» **TASK OBJECTIVE**
Leaving out every picture, copy the lines of the data exactly, from the first through the line containing "Products named in the file (5): SLIDER;".

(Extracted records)

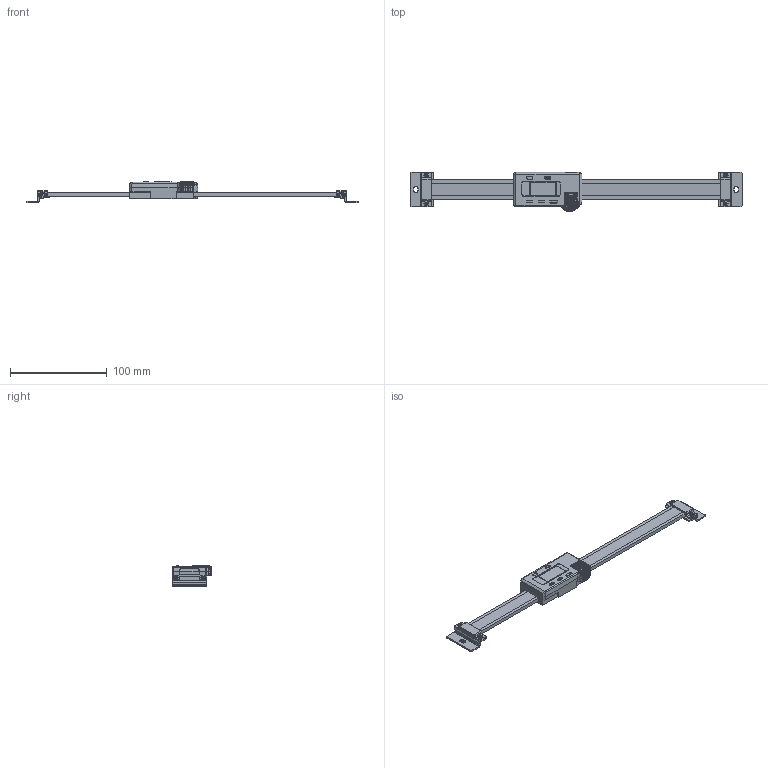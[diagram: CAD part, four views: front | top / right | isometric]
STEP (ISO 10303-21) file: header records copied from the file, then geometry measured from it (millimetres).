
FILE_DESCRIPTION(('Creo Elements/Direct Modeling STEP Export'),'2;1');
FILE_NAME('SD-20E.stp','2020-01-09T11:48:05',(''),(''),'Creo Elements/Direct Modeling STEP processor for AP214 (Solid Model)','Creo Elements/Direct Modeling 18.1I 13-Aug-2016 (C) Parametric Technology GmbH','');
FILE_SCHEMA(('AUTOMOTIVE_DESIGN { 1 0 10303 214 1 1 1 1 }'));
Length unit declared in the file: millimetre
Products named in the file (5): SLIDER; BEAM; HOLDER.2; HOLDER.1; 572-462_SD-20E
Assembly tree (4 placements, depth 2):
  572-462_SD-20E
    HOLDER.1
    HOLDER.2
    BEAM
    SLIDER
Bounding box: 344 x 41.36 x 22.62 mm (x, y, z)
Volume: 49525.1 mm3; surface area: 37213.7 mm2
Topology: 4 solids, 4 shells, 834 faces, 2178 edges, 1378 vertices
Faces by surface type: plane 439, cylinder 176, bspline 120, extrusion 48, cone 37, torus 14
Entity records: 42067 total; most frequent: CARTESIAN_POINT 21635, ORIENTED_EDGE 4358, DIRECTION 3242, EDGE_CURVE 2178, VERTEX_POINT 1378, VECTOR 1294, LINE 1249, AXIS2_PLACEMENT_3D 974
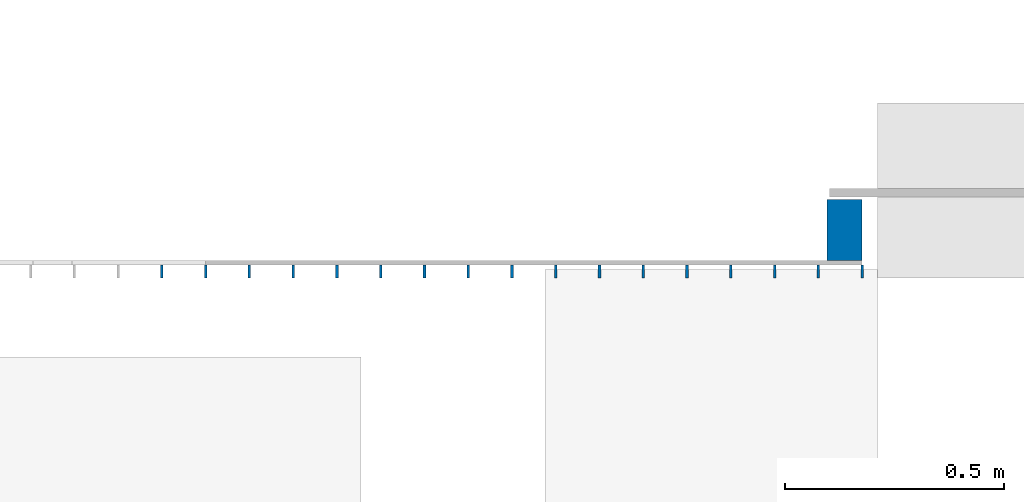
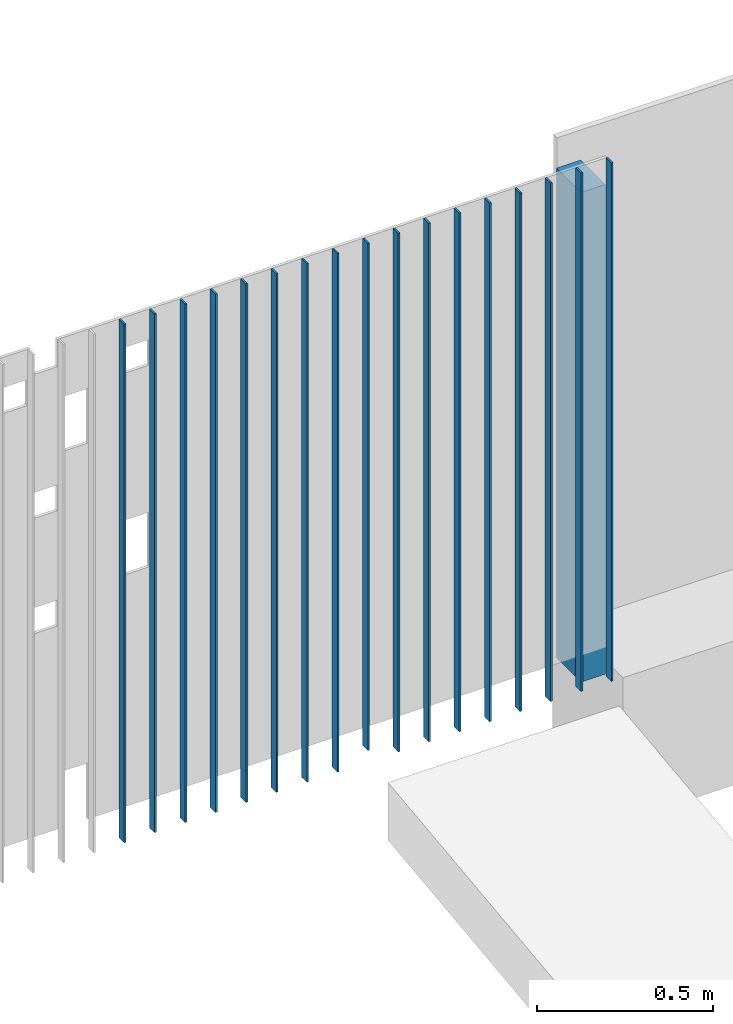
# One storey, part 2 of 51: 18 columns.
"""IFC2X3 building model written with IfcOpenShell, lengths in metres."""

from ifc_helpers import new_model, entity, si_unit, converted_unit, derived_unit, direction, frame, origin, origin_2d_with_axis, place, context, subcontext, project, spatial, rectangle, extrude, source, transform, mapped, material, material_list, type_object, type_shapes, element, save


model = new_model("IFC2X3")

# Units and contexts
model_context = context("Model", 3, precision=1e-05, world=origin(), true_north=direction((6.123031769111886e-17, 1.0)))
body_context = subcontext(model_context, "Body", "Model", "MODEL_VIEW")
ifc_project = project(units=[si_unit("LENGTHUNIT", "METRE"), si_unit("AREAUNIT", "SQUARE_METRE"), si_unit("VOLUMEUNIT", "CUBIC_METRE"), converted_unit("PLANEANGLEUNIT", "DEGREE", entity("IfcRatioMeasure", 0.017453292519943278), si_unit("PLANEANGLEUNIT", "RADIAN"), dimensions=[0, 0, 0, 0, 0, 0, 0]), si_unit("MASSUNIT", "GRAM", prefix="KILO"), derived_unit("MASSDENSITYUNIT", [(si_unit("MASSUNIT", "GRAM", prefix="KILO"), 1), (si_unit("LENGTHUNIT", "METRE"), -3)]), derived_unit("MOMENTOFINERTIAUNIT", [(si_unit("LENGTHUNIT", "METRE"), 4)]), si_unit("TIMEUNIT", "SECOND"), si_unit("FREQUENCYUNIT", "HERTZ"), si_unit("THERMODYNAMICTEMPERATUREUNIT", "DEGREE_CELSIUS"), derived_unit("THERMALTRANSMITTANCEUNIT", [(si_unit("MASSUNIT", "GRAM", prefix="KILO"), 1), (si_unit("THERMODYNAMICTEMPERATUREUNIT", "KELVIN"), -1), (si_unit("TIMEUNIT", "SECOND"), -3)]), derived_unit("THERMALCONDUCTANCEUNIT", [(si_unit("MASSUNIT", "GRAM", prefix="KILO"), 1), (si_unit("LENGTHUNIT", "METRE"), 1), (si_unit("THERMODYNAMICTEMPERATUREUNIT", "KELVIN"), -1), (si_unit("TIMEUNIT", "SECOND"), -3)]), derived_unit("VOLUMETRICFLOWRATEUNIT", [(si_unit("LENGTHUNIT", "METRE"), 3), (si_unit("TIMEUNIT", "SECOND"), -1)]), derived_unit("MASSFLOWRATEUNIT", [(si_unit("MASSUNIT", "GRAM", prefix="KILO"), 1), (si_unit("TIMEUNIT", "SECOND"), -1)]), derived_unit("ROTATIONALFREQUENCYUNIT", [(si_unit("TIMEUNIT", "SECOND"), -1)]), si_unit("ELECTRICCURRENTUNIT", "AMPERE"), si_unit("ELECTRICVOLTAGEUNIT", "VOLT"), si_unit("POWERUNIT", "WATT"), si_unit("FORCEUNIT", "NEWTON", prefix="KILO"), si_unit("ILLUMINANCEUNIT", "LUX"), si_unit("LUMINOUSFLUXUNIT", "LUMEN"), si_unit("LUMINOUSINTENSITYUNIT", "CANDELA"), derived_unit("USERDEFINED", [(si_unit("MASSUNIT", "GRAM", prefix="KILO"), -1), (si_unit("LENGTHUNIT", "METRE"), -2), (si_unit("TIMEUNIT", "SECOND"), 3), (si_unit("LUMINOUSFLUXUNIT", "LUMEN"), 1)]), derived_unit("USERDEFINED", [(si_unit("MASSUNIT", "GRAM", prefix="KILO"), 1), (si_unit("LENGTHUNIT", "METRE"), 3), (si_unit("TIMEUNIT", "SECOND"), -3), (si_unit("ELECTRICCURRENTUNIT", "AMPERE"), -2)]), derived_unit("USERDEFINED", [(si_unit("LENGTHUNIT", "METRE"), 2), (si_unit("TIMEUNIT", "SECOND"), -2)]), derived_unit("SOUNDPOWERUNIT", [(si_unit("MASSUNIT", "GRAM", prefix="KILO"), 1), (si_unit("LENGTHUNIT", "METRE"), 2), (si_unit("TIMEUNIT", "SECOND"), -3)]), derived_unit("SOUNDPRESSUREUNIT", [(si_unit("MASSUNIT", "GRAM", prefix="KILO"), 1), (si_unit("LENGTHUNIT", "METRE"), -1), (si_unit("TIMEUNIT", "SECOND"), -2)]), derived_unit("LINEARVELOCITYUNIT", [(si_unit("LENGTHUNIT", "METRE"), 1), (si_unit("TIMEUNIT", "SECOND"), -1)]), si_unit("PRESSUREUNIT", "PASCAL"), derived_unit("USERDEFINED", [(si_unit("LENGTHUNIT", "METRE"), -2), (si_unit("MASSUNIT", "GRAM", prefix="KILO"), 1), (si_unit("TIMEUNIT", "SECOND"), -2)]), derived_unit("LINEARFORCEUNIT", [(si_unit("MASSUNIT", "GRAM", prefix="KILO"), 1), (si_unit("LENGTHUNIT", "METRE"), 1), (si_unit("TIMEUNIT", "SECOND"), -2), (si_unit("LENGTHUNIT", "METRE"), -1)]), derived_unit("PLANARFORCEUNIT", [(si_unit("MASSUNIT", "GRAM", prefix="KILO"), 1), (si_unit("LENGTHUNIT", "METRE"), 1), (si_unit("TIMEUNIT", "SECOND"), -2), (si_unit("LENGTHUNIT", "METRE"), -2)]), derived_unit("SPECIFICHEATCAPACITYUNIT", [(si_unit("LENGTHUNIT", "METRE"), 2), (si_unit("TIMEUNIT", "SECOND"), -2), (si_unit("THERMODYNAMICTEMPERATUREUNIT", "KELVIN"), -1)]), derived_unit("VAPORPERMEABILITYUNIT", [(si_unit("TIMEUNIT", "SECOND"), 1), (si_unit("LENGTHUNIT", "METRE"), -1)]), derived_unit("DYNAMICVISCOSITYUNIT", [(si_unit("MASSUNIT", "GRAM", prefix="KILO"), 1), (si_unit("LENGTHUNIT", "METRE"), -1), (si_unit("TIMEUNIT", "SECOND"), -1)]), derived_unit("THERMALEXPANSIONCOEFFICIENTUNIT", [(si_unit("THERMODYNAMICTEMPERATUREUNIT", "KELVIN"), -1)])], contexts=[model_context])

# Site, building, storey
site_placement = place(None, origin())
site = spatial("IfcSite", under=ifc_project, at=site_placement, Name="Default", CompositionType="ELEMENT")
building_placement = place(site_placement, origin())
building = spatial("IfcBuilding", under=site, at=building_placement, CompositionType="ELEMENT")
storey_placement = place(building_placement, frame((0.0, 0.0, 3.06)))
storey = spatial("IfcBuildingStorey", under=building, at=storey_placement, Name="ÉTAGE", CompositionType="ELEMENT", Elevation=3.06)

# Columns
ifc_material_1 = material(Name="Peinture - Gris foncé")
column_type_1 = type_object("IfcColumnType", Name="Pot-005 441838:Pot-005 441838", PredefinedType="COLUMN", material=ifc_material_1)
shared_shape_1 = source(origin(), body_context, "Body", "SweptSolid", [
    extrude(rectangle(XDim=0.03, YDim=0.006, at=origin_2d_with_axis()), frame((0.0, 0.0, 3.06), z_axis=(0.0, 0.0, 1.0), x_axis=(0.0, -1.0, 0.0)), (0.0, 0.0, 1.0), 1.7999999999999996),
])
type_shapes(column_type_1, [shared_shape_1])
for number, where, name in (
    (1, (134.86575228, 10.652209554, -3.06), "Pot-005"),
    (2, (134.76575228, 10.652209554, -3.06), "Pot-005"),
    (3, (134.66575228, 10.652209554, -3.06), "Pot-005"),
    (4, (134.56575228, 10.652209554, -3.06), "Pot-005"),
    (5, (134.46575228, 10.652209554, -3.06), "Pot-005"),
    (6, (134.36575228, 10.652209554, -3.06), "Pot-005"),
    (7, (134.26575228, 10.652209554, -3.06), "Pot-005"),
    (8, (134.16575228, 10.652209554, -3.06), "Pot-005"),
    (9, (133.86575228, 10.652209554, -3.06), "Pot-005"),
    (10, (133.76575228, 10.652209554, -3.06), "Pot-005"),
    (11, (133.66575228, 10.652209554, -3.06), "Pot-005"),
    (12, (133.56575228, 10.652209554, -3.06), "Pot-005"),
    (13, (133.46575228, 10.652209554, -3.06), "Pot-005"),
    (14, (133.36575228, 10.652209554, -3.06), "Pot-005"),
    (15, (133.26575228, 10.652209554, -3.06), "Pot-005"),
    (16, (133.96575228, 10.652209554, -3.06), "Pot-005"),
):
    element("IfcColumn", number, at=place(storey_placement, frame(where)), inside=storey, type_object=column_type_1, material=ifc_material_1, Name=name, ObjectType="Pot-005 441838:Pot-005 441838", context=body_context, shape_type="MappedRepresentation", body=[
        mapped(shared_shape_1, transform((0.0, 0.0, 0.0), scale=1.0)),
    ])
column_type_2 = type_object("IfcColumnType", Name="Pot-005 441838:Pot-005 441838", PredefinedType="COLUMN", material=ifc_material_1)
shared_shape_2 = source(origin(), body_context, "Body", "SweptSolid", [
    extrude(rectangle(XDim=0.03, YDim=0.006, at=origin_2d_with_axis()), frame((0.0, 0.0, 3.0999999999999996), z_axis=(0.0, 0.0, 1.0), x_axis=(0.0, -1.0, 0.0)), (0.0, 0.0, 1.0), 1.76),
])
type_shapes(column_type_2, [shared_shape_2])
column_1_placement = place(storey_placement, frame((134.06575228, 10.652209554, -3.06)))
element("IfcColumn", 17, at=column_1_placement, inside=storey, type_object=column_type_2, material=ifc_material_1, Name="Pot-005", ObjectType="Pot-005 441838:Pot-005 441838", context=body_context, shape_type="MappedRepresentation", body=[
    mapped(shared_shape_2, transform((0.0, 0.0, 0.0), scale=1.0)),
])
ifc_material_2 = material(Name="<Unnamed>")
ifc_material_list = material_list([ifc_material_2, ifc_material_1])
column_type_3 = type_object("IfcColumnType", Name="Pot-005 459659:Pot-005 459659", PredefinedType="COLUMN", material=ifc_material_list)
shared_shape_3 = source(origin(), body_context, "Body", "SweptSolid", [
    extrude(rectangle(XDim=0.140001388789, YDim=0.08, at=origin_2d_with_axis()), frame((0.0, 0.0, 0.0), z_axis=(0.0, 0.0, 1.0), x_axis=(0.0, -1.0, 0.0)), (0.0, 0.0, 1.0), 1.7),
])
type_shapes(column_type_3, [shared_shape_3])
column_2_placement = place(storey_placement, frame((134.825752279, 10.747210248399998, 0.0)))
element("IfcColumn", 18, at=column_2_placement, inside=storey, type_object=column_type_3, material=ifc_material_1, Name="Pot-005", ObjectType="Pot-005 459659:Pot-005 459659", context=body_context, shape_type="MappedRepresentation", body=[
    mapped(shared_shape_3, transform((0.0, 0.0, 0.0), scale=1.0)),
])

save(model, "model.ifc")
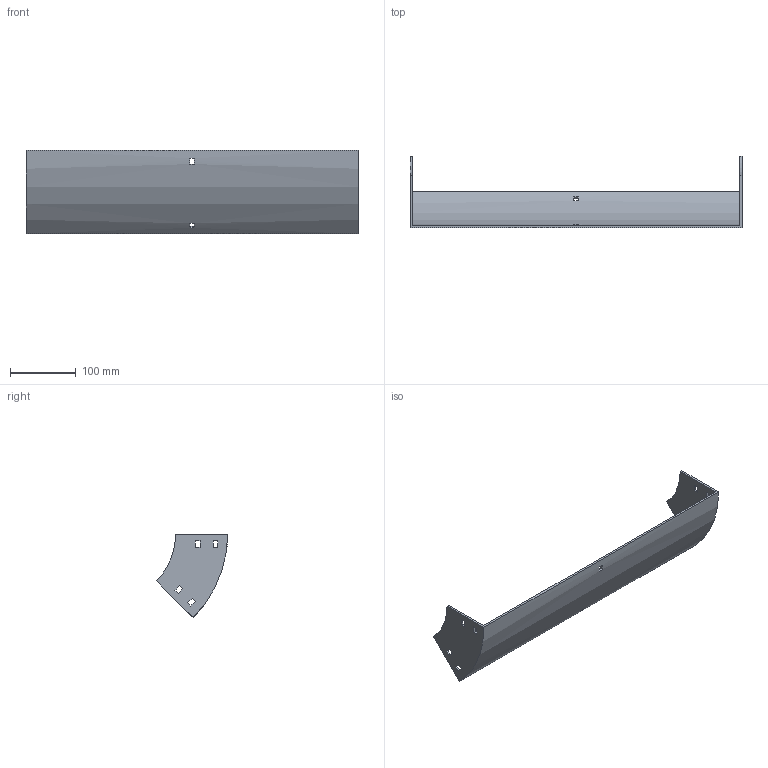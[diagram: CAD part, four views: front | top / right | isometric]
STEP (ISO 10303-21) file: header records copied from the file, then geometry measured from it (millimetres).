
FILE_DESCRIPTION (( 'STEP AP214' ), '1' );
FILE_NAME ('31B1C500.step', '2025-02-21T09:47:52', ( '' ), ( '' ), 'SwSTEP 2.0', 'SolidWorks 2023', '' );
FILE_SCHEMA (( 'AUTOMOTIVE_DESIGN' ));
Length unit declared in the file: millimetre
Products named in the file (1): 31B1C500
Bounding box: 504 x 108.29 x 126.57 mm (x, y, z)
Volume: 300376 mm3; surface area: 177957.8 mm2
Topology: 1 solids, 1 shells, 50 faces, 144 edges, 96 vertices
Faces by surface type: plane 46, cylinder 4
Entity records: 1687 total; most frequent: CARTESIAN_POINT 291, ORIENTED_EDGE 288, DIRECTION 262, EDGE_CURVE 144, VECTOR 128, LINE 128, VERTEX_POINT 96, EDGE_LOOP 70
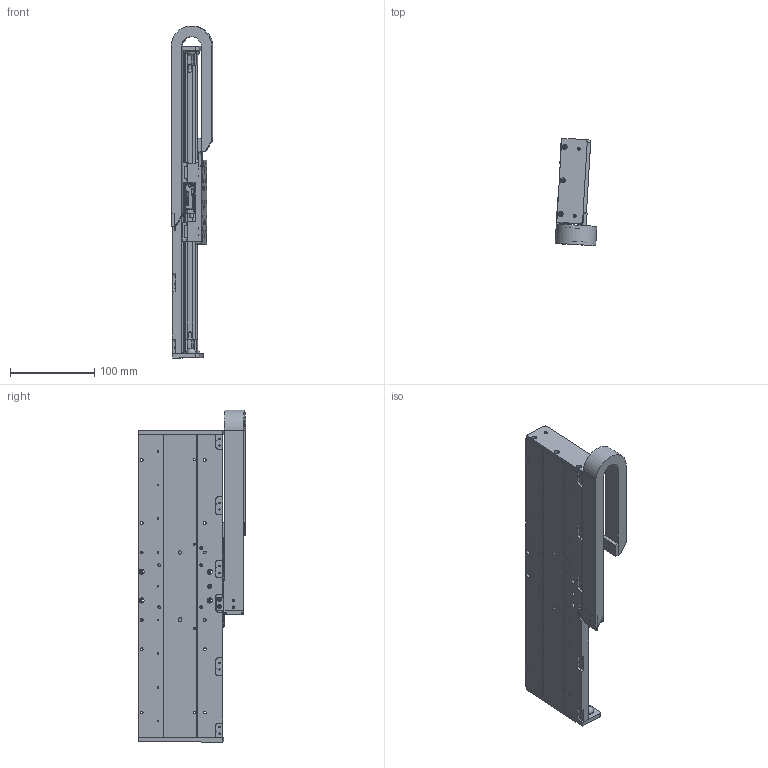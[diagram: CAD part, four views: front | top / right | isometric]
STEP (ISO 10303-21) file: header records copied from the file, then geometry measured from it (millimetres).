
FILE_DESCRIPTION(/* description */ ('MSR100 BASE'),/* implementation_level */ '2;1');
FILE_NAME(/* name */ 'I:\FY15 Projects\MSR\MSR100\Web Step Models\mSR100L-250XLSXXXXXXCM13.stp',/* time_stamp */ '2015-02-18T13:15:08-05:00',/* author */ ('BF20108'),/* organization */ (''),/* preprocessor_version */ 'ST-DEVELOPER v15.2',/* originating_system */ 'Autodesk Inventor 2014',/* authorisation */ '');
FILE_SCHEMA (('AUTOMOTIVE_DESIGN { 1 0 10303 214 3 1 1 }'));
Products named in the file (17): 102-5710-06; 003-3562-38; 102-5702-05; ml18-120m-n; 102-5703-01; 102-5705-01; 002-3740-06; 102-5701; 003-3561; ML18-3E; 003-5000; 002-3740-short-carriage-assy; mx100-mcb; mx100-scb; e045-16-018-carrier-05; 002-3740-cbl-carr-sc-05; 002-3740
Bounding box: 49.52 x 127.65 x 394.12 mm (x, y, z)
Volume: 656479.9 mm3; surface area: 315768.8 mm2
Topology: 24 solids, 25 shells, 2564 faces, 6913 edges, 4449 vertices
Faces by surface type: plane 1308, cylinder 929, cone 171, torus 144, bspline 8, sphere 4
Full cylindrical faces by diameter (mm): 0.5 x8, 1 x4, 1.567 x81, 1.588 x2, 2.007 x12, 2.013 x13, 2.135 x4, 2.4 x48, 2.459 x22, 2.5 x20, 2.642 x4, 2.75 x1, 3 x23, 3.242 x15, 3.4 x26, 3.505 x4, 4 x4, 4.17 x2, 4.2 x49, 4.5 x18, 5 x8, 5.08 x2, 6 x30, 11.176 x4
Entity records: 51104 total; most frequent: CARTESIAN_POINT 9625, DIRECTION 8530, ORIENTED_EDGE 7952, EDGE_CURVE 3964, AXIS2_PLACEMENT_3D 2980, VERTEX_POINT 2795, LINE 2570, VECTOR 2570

» **OUTPUT**
[diagram: CAD part, four views: front | top / right | isometric]
STEP (ISO 10303-21) file: header records copied from the file, then geometry measured from it (millimetres).
FILE_DESCRIPTION(('Creo Elements/Direct Modeling STEP Export'),'2;1');
FILE_NAME('SD-20E.stp','2020-01-09T11:48:05',(''),(''),'Creo Elements/Direct Modeling STEP processor for AP214 (Solid Model)','Creo Elements/Direct Modeling 18.1I 13-Aug-2016 (C) Parametric Technology GmbH','');
FILE_SCHEMA(('AUTOMOTIVE_DESIGN { 1 0 10303 214 1 1 1 1 }'));
Length unit declared in the file: millimetre
Products named in the file (5): SLIDER; BEAM; HOLDER.2; HOLDER.1; 572-462_SD-20E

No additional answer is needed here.